*** Opening of Provided data ***
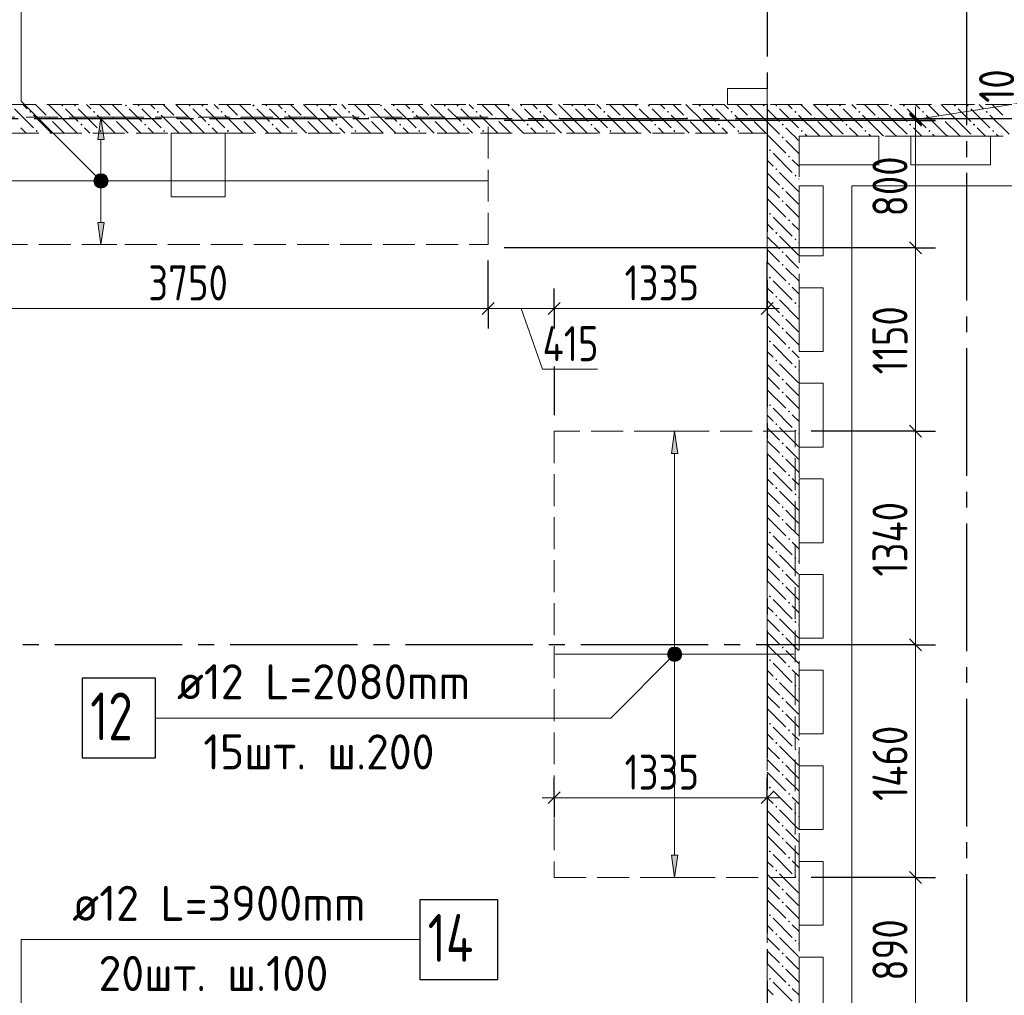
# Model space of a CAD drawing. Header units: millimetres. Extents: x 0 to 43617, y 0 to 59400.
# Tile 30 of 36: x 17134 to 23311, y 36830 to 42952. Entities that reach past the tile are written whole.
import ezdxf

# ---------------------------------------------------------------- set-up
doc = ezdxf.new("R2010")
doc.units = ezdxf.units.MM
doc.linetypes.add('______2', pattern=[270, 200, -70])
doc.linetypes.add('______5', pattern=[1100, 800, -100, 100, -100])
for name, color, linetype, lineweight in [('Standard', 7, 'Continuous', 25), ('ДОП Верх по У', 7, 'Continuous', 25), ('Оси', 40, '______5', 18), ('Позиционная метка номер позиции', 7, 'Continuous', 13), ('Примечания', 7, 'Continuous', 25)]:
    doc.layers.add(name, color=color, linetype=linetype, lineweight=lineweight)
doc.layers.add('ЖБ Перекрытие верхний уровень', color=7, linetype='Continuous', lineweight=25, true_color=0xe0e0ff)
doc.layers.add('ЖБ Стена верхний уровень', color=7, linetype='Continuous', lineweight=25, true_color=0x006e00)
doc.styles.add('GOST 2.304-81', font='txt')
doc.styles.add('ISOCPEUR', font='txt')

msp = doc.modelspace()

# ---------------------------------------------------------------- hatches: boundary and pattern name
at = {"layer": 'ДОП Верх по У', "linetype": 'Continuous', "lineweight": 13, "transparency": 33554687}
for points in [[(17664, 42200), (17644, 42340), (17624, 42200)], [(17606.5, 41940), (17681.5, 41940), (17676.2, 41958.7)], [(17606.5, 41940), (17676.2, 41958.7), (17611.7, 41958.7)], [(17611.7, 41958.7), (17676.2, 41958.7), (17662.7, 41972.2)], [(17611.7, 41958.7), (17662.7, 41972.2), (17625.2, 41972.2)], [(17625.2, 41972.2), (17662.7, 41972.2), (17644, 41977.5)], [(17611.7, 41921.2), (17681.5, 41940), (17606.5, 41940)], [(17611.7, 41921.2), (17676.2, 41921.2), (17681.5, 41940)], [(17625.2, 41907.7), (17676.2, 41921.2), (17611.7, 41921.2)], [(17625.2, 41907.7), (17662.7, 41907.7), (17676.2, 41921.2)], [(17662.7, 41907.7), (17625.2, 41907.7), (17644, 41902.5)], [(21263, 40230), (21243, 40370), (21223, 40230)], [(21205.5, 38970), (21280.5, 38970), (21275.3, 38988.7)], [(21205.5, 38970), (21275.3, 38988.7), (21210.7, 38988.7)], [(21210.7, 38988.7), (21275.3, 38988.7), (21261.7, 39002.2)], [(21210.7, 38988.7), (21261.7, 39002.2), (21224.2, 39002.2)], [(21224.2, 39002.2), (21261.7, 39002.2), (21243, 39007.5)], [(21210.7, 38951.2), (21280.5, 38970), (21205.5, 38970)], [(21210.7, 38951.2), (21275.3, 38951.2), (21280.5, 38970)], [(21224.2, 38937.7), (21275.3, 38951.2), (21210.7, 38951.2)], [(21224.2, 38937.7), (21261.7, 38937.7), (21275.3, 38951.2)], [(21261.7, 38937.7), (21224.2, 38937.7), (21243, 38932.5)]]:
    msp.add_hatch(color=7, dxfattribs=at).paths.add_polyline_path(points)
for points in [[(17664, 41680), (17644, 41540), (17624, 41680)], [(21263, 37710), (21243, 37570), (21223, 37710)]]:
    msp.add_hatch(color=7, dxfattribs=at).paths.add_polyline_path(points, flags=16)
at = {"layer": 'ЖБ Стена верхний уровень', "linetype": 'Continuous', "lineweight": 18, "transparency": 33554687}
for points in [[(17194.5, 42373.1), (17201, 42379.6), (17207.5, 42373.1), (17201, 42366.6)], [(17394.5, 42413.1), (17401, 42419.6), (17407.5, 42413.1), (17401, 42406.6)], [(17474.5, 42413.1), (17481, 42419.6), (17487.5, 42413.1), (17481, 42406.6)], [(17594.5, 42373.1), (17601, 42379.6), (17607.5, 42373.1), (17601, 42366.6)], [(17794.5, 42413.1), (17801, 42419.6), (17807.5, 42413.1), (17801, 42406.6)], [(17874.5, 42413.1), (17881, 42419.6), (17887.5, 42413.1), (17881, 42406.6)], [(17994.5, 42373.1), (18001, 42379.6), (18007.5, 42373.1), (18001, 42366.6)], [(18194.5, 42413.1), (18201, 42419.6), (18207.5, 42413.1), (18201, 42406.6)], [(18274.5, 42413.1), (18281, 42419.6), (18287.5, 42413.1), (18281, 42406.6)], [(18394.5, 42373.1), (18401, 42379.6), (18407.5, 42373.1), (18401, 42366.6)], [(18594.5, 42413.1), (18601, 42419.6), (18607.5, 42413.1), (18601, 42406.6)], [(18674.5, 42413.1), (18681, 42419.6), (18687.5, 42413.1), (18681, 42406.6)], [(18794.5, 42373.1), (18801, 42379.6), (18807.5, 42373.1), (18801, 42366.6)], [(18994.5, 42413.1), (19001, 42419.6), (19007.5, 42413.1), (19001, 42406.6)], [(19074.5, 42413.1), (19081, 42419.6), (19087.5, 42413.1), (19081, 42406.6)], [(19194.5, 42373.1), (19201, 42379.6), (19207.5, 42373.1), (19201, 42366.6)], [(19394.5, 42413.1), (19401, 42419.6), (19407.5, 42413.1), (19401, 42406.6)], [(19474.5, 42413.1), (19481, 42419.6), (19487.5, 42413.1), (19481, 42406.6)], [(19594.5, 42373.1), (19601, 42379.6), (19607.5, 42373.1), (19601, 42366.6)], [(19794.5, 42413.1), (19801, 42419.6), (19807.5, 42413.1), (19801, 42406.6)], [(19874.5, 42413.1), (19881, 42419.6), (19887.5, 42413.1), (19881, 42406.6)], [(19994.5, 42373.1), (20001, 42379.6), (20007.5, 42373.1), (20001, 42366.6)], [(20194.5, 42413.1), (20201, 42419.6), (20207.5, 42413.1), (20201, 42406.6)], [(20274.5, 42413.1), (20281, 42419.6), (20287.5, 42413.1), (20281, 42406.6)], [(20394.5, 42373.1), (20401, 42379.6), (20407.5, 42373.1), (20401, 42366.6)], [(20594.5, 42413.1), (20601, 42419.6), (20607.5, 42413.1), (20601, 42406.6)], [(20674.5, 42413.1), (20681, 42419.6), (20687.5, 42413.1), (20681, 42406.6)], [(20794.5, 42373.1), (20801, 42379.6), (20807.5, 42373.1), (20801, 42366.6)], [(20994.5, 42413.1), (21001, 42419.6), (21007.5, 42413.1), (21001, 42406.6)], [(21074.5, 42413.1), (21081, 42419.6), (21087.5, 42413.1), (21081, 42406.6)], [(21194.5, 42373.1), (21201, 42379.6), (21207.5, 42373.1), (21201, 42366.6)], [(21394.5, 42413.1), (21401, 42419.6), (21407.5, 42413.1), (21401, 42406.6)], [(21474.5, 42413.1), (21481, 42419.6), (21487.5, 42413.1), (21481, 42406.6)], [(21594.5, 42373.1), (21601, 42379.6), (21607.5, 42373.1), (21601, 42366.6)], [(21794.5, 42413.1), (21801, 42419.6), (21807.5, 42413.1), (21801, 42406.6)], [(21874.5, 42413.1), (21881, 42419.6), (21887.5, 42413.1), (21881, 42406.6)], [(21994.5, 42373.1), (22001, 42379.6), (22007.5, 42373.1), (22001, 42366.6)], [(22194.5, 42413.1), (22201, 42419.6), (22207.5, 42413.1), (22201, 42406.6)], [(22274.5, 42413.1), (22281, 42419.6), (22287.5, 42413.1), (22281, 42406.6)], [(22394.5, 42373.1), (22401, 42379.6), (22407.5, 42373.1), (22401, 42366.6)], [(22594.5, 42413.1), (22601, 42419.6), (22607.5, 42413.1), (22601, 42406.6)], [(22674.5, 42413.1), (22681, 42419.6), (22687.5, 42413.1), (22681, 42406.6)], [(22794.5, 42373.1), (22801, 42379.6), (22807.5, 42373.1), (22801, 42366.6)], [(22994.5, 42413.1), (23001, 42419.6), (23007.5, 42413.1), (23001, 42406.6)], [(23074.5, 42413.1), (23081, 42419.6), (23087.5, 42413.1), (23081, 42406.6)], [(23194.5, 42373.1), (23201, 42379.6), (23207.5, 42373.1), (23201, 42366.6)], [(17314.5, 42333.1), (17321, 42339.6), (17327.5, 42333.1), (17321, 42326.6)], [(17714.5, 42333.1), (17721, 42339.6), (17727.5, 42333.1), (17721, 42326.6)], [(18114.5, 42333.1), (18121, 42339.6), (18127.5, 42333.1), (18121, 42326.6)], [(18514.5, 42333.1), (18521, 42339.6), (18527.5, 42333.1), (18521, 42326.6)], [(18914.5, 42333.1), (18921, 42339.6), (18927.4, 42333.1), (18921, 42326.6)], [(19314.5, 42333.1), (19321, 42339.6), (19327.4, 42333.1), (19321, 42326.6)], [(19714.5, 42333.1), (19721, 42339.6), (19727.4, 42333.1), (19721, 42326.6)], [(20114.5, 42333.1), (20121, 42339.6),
*** Close of Provided data ***
** Activity **
In the records above, which lines hold the string "styles"? Copy each one.

** Task output **
doc.styles.add('GOST 2.304-81', font='txt')
doc.styles.add('ISOCPEUR', font='txt')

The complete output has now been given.